A Unified Solver for Optimal Transport, Schroedinger Bridges, and Variational Mean Field Games
Project Description
Existing background work
Colin Cotter is Professor of Computational Mathematics at Imperial College. He has relevant interests in optimal transport applied to the semigeostrophic equations and to weather forecast verification, and in design, analysis and implementation of finite element methods.
Dante Kalise is Reader in Optimisation and Control at the Department of Mathematics at Imperial College. His main research interests involve scientific computation and machine learning, optimal control, high-dimensional approximation and agent-based models across scales. He has developed variational methods for mean field games and control which constitute the basis of this project, and developed applications in swarm robotics, pedestrian motion, and global optimization.

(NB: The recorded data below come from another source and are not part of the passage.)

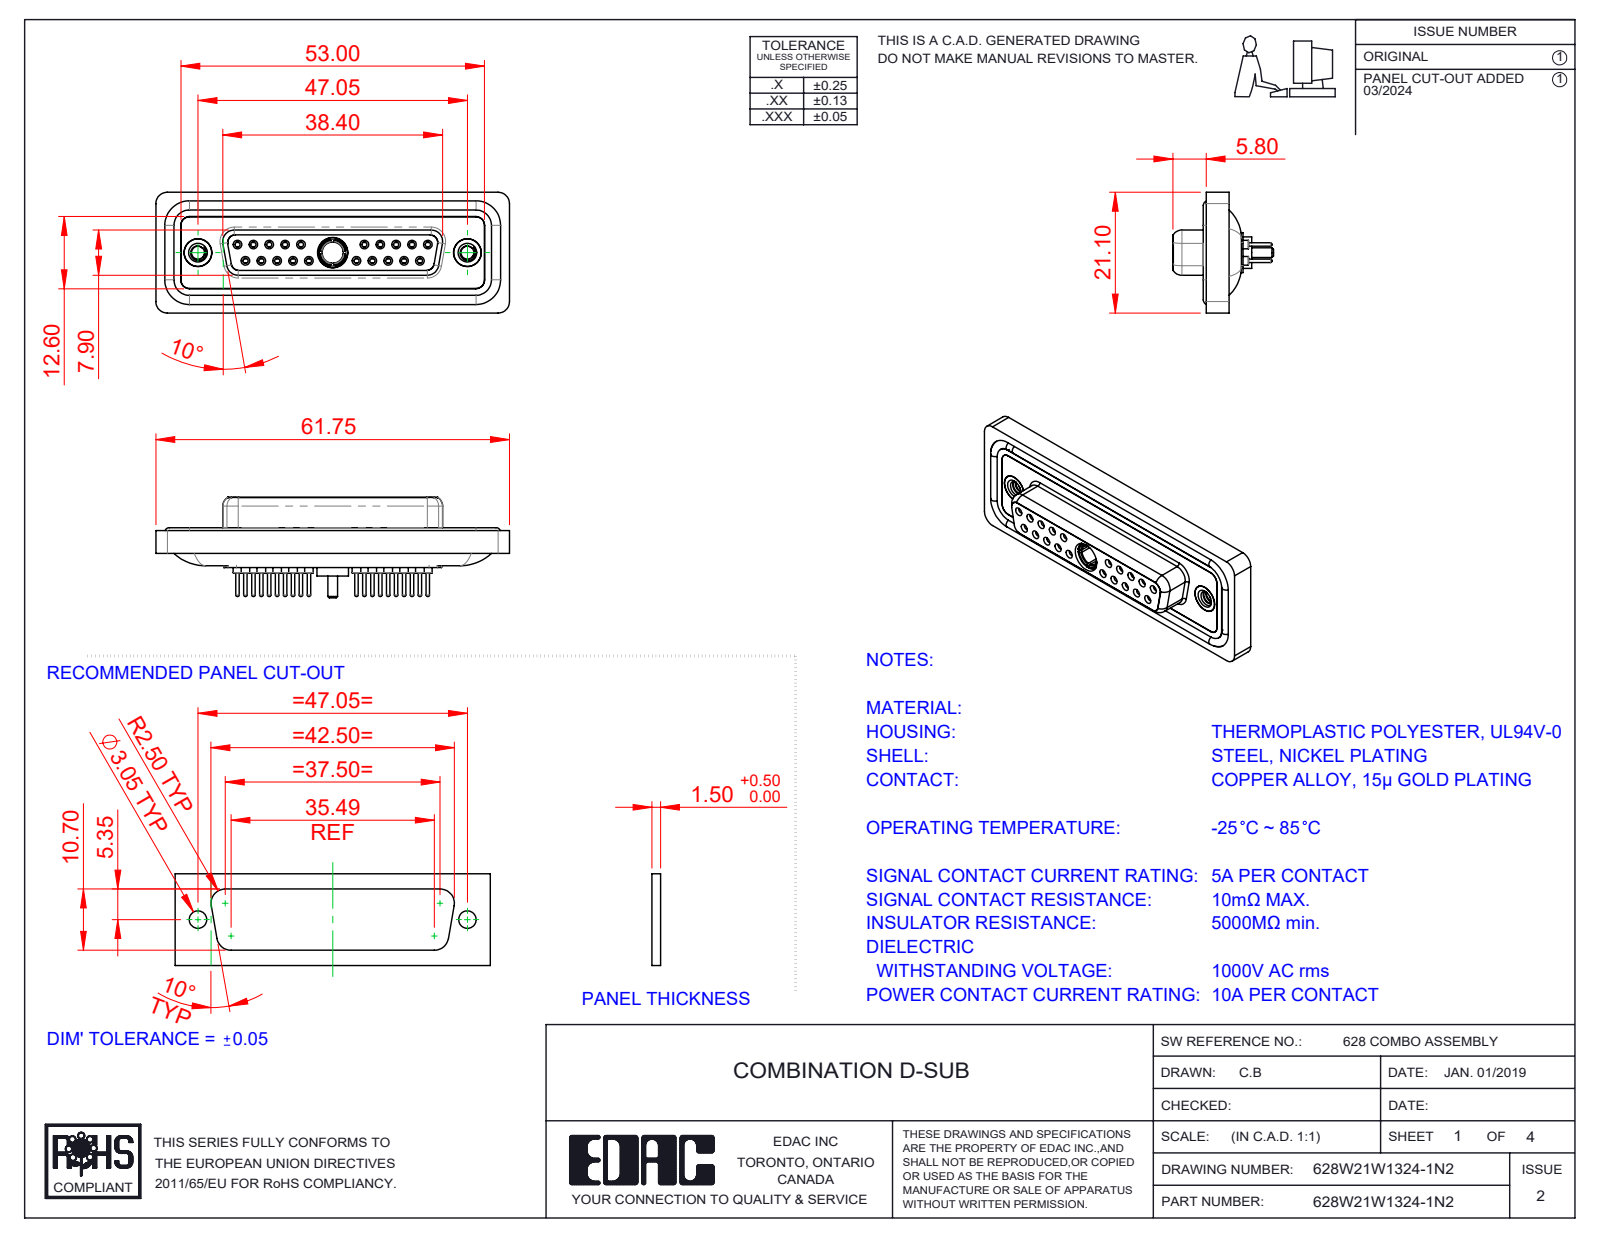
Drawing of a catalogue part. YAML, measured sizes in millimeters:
part_name: "628Combo Shell Front_25 Contacts; 628Combo Contact Row 1_24; Power Socket_10A S; 628Combo Shell Rear_25 Contacts (+5 more)"
step_written_by: "SolidWorks 2023 (CONFIG_CONTROL_DESIGN)"
units: millimeters
bodies: {solids: 29, faces: 1560, planar: 434, cylindrical: 591, other: 535}
overall_size: [61.75, 21.1, 17.55]
volume: 8359
surface_area: 13989
round_holes:
  - {diameter: 0.9, count: 20}
  - {diameter: 1.1, count: 20}
  - {diameter: 1.5, count: 20}
  - {diameter: 2, count: 20}
  - {diameter: 1.6, count: 10}
  - {diameter: 1.7, count: 10}
  - {diameter: 4.85, count: 3}
  - {diameter: 2.26, count: 2}
  - {diameter: 4, count: 2}
  - {diameter: 4.05, count: 2}
  - {diameter: 5, count: 2}
  - {diameter: 3.7, count: 1}
round_bosses_or_shafts:
  - {diameter: 2.2, count: 20}
  - {diameter: 0.6, count: 20}
  - {diameter: 1.6, count: 14}
  - {diameter: 4.95, count: 2}
  - {diameter: 4.8, count: 2}
  - {diameter: 5.5, count: 1}
  - {diameter: 5.2, count: 1}
  - {diameter: 4.96, count: 1}
partial_cylinders:
  - {radius: 1.5, count: 22}
  - {radius: 2, count: 18}
  - {radius: 1.35, count: 8}
  - {radius: 1.6, count: 8}
  - {radius: 0.25, count: 4}
  - {radius: 0.5, count: 4}
  - {radius: 0.6, count: 4}
  - {radius: 0.65, count: 4}
face_to_face_distances: [0.4, 1.8, 7.45, 6.6, 5.65, 0.5, 1.6, 7.05, 2.9, 1.1]
hole_center_spacings: [3.16, 2.77, 5.54, 5.03, 8.31, 7.48, 16.62, 19.39]

Main objectives of the project
Starting from the fluid dynamics formulation of the Monge-Kantorovich mass transfer problem proposed by Benamou and Brenier, it is now well-understood that a wide class of problems including Optimal Transport (OT), Schroedinger Bridges (SB), Mean Field Control (MFC), and Variational Mean Field Games (MFG), can be seen as the solution of a PDE-constrained optimization problem where a convex cost if constrained to a continuity equation. While the numerical approximation of these problems has been extensively studied over the last decade due to their importance in statistical machine learning, computational methods are often developed for a particular problem of interest and fail to identified the underlying unifying structure.
In this project we will develop a unified solver for OT, SB, MFC and MFG, so that each instance arises after a suitable assignment of costs and constraints. The solver will be based on convex optimization methods (primal-dual algorithms), preconditioning, and structure-preserving discretizations of the continuity equation.
Details of Software/Data Deliverables
Software deliverables will include: - A unified OT/SB/MFC/MFG solver which is not currently available. This will be built around Firedrake, building upon the work of Natale and Todeschi.
Natale, Andrea, and Gabriele Todeschi. “A mixed finite element discretization of dynamical optimal transport.” Journal of Scientific Computing 91, no. 2 (2022): 38.